▶ _Records for processing_:
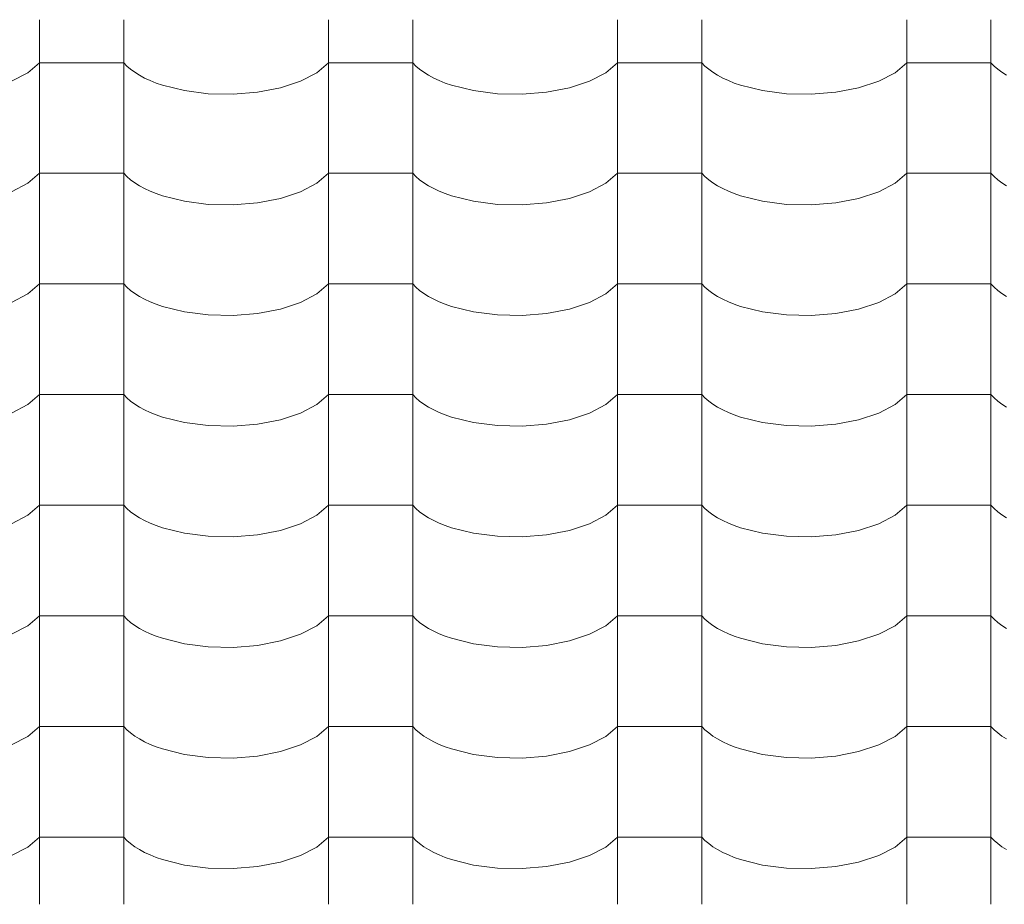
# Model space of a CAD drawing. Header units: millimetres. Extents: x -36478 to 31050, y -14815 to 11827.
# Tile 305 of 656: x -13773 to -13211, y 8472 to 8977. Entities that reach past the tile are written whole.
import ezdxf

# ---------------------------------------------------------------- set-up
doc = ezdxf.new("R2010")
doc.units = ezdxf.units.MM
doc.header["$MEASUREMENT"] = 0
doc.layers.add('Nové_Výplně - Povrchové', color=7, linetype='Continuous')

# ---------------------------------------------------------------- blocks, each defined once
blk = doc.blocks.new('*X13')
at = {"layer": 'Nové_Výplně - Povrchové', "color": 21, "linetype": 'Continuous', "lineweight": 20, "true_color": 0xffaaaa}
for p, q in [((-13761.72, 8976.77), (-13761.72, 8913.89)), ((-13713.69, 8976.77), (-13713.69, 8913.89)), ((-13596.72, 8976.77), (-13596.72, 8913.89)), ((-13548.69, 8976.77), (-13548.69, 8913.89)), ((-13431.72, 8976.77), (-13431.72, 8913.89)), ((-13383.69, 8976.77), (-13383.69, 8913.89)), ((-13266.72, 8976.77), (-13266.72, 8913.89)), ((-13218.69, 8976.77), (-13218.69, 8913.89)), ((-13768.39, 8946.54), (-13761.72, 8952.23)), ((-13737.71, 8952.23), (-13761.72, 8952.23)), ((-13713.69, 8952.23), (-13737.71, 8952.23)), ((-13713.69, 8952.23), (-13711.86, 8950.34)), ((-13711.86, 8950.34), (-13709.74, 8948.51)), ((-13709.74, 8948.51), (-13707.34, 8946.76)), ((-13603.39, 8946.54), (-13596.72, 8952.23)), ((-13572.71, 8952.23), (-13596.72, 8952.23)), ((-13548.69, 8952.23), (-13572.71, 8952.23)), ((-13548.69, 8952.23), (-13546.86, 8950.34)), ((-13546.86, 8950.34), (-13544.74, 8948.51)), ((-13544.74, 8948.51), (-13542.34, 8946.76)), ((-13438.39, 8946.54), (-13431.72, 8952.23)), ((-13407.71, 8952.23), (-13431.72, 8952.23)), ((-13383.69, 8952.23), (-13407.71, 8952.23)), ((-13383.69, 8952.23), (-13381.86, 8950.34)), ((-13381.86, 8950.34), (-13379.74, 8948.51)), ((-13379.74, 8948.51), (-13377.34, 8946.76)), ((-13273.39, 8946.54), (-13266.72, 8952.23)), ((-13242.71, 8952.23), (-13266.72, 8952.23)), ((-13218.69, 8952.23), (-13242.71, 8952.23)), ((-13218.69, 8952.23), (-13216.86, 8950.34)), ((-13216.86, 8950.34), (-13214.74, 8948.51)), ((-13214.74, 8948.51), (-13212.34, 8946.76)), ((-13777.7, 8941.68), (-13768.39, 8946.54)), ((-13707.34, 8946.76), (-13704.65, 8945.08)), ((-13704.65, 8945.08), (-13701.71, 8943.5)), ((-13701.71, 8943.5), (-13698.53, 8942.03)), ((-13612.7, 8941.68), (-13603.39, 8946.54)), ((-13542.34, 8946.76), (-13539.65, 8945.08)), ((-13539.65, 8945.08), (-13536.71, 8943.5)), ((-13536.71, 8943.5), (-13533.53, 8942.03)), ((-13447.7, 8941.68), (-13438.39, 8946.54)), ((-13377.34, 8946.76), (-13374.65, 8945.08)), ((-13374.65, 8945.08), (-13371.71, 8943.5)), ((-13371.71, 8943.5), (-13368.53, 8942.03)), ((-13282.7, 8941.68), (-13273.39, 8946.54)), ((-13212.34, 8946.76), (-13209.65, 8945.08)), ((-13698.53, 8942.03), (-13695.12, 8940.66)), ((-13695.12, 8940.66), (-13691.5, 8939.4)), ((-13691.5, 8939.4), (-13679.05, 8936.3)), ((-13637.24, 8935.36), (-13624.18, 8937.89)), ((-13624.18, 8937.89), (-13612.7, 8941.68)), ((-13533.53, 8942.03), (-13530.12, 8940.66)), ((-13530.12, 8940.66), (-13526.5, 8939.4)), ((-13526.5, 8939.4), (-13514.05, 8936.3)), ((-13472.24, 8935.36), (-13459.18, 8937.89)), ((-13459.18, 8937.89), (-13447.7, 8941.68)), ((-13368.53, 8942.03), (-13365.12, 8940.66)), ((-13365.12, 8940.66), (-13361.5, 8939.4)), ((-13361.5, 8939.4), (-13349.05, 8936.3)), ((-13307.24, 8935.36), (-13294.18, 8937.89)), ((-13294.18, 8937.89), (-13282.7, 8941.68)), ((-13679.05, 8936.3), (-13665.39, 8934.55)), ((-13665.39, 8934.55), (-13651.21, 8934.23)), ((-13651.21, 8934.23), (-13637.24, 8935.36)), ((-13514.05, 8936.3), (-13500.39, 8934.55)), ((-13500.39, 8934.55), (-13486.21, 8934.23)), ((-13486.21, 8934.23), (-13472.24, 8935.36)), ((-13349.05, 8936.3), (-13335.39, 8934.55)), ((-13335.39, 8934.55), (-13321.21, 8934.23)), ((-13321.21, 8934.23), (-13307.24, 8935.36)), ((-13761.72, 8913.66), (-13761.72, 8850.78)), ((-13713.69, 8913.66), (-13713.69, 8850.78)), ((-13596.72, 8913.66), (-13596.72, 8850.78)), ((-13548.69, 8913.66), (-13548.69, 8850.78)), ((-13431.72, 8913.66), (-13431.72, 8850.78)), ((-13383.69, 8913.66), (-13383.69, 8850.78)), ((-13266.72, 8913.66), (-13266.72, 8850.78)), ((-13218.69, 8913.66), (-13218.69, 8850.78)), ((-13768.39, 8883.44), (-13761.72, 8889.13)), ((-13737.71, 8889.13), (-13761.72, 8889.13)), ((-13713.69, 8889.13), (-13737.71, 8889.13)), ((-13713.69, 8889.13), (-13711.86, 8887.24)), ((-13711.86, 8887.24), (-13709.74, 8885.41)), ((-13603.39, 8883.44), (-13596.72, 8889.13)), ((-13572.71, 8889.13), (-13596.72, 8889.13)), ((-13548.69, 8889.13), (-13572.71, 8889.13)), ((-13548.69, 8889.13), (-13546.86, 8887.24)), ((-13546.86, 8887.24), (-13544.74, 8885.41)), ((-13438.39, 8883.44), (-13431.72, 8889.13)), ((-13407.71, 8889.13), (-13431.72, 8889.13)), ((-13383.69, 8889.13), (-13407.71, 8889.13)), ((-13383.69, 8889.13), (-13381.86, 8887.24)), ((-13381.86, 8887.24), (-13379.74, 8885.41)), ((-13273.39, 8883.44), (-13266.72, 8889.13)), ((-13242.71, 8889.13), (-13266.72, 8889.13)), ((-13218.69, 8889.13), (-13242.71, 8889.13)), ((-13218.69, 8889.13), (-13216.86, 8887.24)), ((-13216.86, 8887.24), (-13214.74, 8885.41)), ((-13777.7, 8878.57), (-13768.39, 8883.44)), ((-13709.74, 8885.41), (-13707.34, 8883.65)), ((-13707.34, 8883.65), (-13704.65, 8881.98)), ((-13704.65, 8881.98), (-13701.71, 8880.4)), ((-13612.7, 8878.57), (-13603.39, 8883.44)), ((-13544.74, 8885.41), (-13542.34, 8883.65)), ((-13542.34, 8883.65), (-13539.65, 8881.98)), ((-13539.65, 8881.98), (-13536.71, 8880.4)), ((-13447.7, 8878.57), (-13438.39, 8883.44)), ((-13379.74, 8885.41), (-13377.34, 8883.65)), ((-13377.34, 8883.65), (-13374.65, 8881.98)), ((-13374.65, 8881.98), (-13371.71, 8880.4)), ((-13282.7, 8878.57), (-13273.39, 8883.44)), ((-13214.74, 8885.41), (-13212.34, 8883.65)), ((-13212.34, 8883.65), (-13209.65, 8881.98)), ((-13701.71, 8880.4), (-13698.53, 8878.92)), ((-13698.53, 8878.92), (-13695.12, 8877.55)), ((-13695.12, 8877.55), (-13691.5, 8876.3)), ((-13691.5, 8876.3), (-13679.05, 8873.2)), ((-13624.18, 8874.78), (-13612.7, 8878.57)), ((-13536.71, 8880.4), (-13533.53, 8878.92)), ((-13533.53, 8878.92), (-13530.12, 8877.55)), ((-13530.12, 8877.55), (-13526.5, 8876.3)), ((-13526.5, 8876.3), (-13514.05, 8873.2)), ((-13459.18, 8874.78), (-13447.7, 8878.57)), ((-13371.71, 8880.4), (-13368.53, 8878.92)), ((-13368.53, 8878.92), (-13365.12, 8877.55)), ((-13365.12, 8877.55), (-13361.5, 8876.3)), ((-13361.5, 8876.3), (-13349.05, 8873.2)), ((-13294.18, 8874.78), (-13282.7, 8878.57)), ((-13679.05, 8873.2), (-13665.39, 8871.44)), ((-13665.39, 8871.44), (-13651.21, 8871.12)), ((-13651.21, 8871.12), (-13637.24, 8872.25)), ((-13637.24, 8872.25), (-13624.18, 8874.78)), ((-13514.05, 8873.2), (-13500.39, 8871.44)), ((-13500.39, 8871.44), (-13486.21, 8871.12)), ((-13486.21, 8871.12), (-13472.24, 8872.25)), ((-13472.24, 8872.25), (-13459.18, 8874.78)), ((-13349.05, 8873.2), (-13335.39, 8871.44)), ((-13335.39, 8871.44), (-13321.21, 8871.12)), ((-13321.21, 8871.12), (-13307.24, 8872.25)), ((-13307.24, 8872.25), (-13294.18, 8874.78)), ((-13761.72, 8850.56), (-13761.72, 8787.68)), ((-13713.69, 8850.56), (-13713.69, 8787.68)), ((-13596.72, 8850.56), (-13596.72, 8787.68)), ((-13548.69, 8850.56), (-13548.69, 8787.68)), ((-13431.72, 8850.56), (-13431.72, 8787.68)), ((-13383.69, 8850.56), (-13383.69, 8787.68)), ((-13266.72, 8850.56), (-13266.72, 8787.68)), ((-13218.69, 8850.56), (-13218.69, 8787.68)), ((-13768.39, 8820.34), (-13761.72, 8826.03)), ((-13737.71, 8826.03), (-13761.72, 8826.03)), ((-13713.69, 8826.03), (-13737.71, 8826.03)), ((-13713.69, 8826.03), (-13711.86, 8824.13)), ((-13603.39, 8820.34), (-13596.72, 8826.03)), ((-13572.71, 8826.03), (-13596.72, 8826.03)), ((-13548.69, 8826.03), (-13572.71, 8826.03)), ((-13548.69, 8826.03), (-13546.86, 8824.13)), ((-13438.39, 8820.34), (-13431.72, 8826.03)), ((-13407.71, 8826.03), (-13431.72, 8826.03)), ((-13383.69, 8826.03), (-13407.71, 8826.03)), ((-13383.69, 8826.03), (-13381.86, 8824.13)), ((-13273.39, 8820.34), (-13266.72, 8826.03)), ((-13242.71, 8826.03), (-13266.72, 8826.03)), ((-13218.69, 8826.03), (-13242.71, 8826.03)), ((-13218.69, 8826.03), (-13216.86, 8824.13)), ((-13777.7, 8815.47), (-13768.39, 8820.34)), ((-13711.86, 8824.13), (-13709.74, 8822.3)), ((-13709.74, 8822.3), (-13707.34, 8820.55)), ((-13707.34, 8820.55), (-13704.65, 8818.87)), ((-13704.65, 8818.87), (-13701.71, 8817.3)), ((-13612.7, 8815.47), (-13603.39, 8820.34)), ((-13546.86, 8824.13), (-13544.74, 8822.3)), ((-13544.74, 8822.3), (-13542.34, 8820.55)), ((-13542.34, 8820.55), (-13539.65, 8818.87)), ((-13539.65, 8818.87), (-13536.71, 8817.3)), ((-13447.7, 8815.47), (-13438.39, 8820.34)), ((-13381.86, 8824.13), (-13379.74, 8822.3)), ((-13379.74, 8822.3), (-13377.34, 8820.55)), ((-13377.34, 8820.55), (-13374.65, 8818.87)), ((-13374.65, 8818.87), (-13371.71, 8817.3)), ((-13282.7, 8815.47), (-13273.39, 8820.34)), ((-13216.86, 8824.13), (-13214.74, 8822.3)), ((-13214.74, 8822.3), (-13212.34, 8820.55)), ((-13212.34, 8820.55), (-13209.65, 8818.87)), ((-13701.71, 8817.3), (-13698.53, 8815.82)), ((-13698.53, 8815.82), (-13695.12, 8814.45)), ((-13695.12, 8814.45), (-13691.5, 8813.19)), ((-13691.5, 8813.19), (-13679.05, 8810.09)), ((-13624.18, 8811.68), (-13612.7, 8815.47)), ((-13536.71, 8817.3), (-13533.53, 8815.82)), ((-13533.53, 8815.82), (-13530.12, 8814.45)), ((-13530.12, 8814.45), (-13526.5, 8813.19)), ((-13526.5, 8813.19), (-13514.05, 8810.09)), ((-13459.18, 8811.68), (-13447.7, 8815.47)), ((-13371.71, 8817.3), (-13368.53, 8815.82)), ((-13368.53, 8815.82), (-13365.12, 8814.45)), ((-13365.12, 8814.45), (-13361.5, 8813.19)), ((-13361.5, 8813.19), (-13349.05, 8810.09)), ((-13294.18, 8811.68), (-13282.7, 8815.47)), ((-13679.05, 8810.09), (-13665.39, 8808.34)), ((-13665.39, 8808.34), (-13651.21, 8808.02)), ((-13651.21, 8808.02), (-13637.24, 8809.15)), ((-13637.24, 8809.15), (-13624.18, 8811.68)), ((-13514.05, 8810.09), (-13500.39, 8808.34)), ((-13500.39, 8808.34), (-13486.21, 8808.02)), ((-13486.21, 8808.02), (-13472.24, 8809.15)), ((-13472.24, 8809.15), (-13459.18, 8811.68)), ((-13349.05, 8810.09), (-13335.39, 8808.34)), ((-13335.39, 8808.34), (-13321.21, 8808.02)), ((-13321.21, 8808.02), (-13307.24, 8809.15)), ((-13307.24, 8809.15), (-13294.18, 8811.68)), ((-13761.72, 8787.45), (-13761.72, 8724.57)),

▶ _Problem description_: Filter the material for the word "Continuous" and copy each matching line.

▶ _Task answer_:
doc.layers.add('Nové_Výplně - Povrchové', color=7, linetype='Continuous')
at = {"layer": 'Nové_Výplně - Povrchové', "color": 21, "linetype": 'Continuous', "lineweight": 20, "true_color": 0xffaaaa}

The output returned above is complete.